Форестьера | страница 8
Война, вопреки всем ожиданьям и надеждам, затягивалась, требуя все новых и новых жертв. Среди солдат стали раздаваться голоса о бессмысленности этой бойни. Чрезмерное утомление чувствовалось повсюду. И когда из далекой России пришла неожиданная весть о революции и о свержении царя, во многих сердцах затеплилась смутная надежда на скорый конец войны.
Одним из этих многих был Баруччи.
Он отчетливо помнил свои вечерние беседы с золотоволосой форестьерой, помнил ее рассказы о замученных царизмом, о рудниках и бастионах крепости, и его радость была неподдельна.
— Эвива русская революция!
Таким восклицанием приветствовал он весть о свержении царя.
— Теперь уж никто не повесит форестьеру! — думал он, жадно читая попадавшие к ним на фронт газеты. — Теперь и война пойдет по-другому!
Война пошла по-другому… Но не так, как ожидал Баруччи.
Россия пережила вторую революцию и отказалась продолжать бойню, заключив с Германией сепаратный мир.
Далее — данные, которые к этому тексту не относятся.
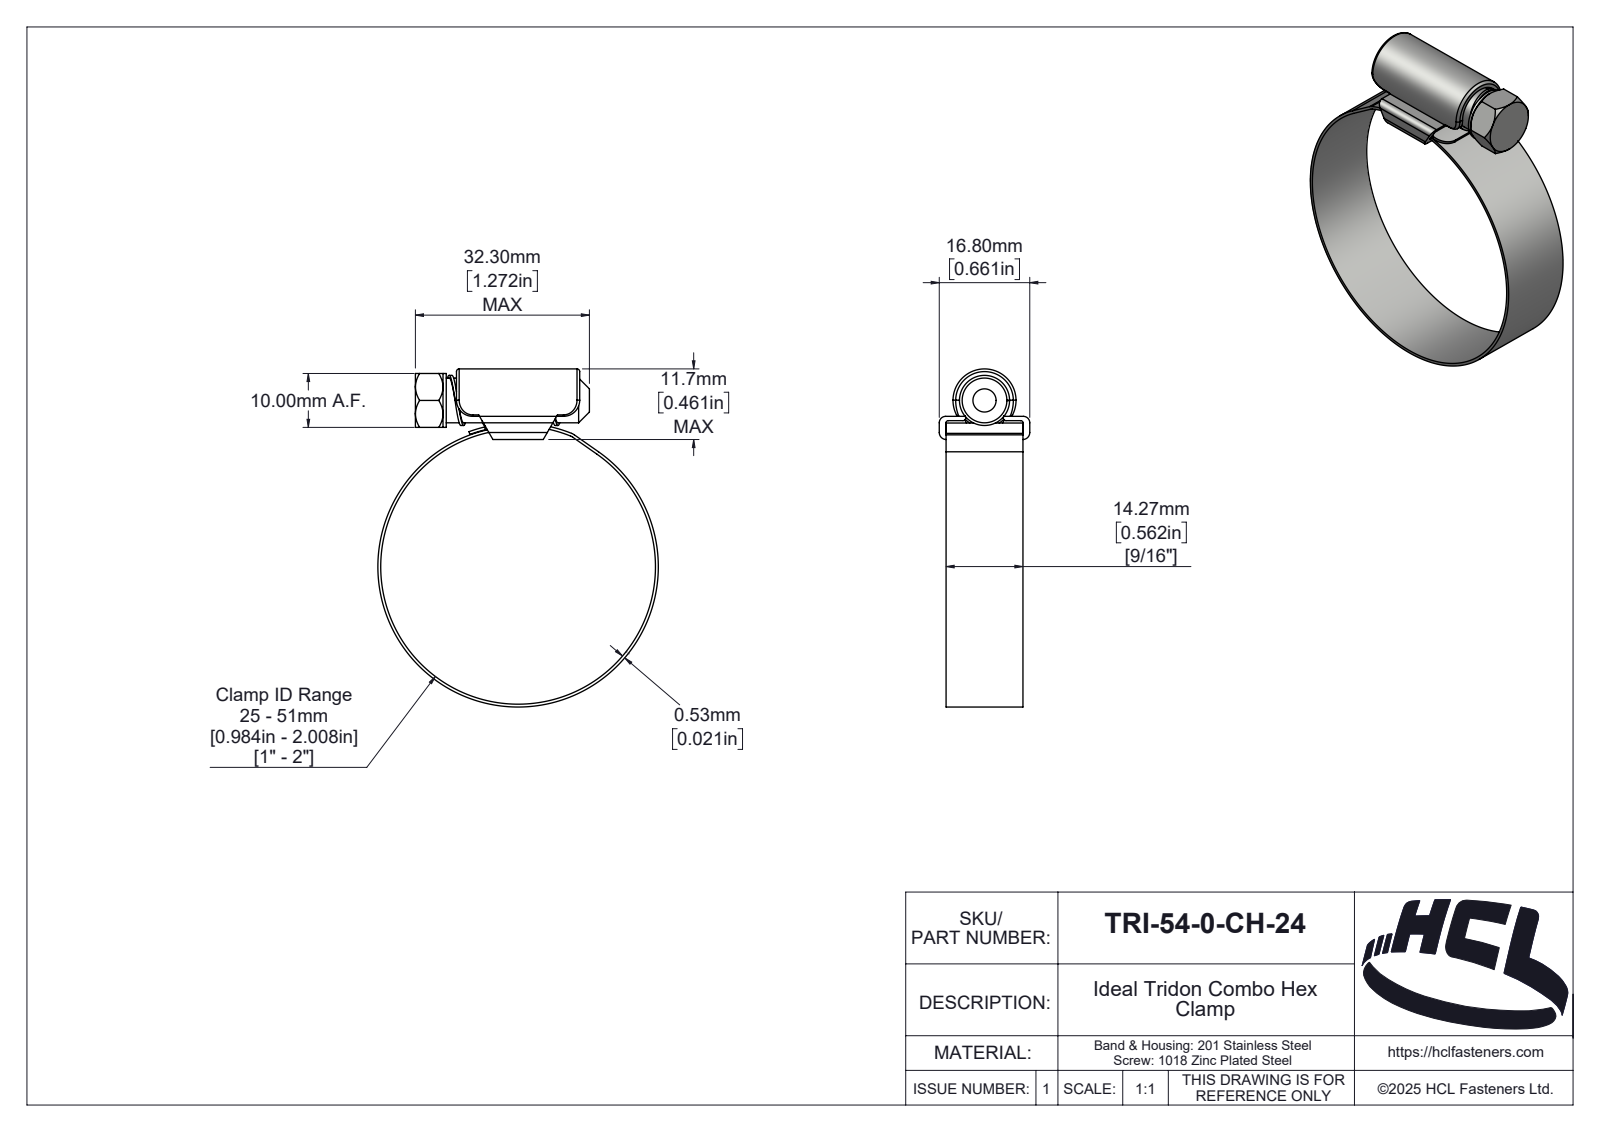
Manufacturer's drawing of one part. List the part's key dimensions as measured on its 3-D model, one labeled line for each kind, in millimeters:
Part name (STEP PRODUCT): TRI-54-0-CH-24
STEP written by: SolidWorks 2025 (AUTOMOTIVE_DESIGN)
Units: millimetres
Bodies: 3 solids, 212 faces (35 planar, 101 cylindrical, 76 other)
Overall size (bounding box): 62.73 × 52.06 × 16.8
Volume: 4 181 mm³ · Surface area: 8 058 mm²
Round holes (diameter × count): ⌀51 ×1
Round bosses / shafts (diameter × count): ⌀52.06 ×1, ⌀10 ×1, ⌀8.3 ×1
Partial cylindrical surfaces — rounded edges, fillets, slot ends (radius × count): R0.5 ×6, R3 ×4, R0.1 ×2, R1.2 ×2, R1.3 ×2, R0.46 ×1, R1.89 ×1, R2 ×1
Main face-to-face distances: 1.2, 14.26, 0.53, 3.5, 2.3, 4.3, 3.1, 0.8, 9.99, 1.27

Этого Баруччи понять не мог. Россия изменила союзникам, в том числе и Италии.
— Вот тебе и русская революция! — смеялись над Баруччи товарищи по полку, зная его за восторженного поклонника России и русских революционеров.
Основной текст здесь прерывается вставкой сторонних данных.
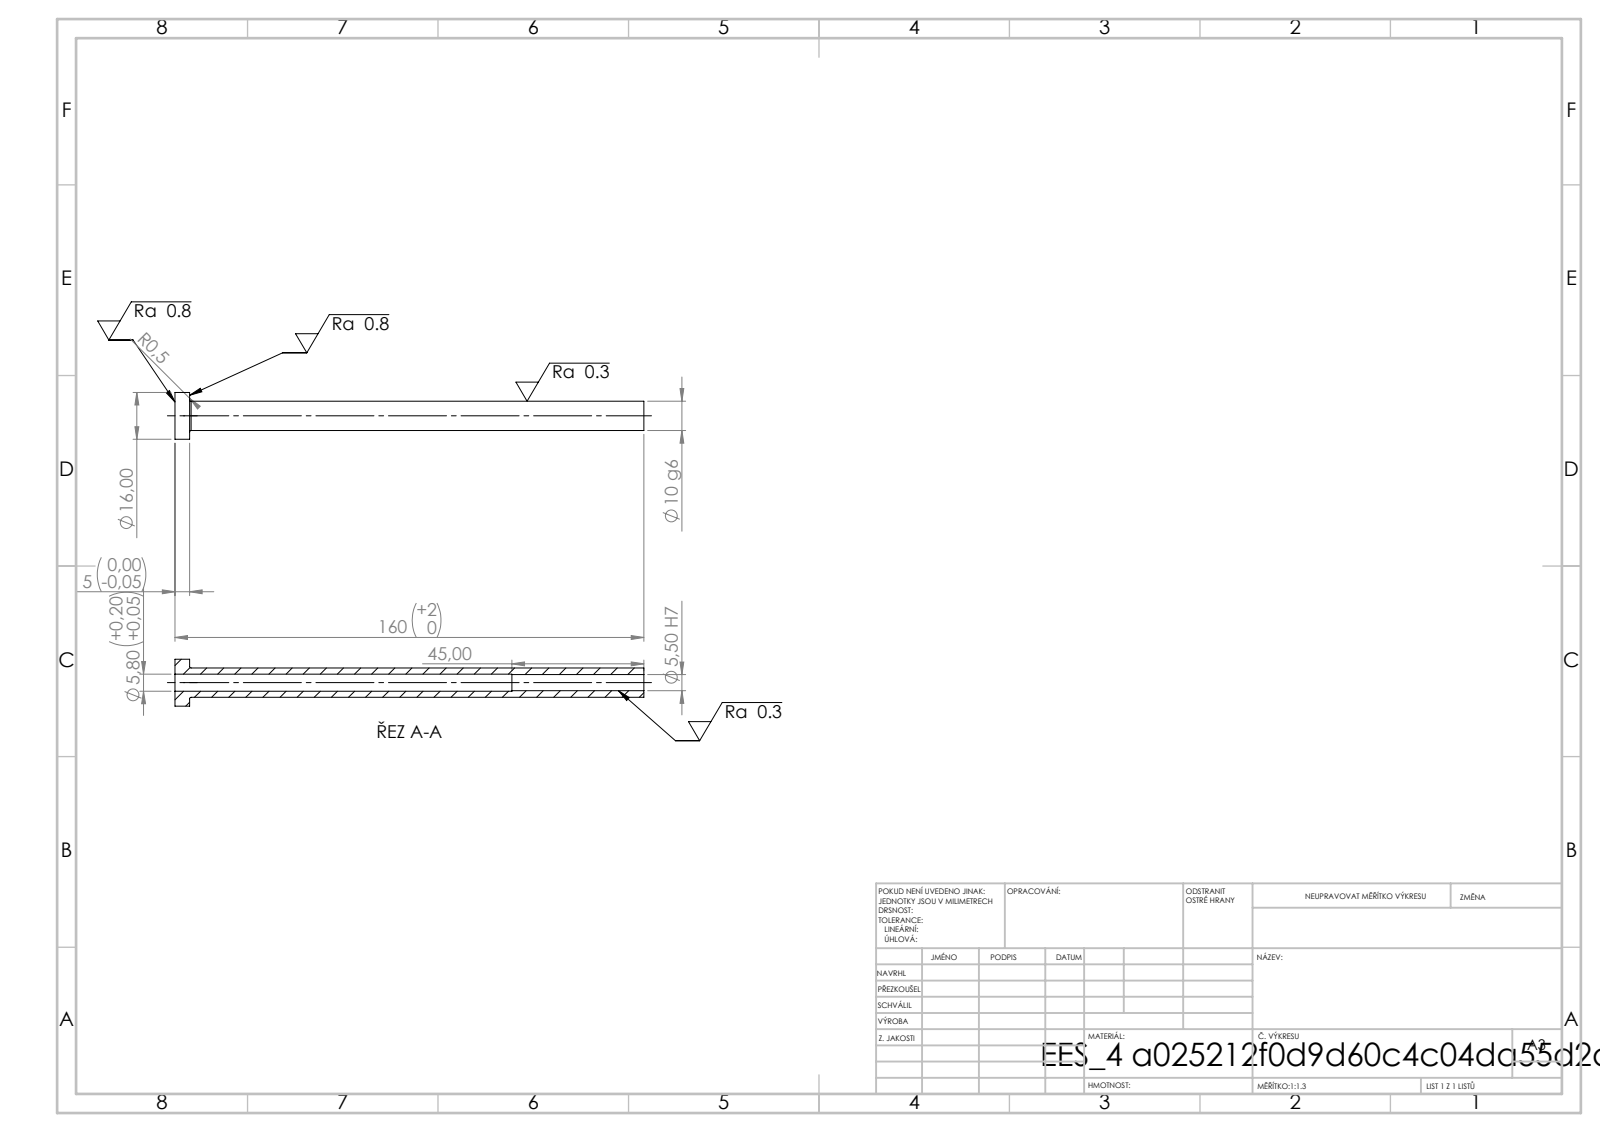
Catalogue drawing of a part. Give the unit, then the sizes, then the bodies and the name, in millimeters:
Units: millimetres
Overall size (bounding box): 160 × 16 × 16
Round holes (diameter × count): ⌀5.5 ×1, ⌀5.8 ×1
Round bosses / shafts (diameter × count): ⌀16 ×1, ⌀10 ×1
Main face-to-face distances: 5, 160, 155, 115, 110, 45
Volume: 9 073 mm³ · Surface area: 8 342 mm²
Bodies: 1 solid, 14 faces (4 planar, 8 cylindrical, 2 other)
STEP written by: SolidWorks 2019 (CONFIG_CONTROL_DESIGN)

— Это не революционеры, это изменники! — мрачно отплевывался Баруччи. — Это какие-то другие революционеры, не настоящие!..
И он был искренне убежден, что к этим, не настоящим революционерам его знакомая форестьера никакого отношения не имеет. Она никогда не могла бы изменить Италии.
— И даже больше… Она наверное теперь борется против этих изменников!..
Так думал Баруччи, солдат пулеметной команды полка берсальеров.
С этими думами он был зачислен в экспедиционный отряд, отправлявшийся в Россию для борьбы с большевиками.
V
Огромная Сибирь проглотила небольшой экспедиционный отряд итальянских войск так же незаметно, как глотает море утлое суденышко.
Баруччи, привыкший к горным теснинам Альп, был поражен необъятными просторами равнин. Все здесь было необычно. И жилища, и люди, и краски. На всем лежала печать сурового величья. Вместо лазоревого ярко-радостного неба, здесь кучились ватагами молочные облака, ленивые, неповоротливые и хмурые. Дули разгонистые ветры, лохматили холмы, а ночами зажигались звезды, совсем не такие, как в Италии, далекие и бледные…
И поражало молчанье этих просторов. Извечное, древнее, навевающее такие странные мысли, от которых плохо спится ночью.
Первая деревня, в которой расположился отряд, встретила их таким же молчанием. Баруччи не нашел в лицах крестьян радости, какая должна была бы быть у них при виде избавителей от большевистского ига. Бородатые, хмурые, они встретили отряд враждебным молчаньем.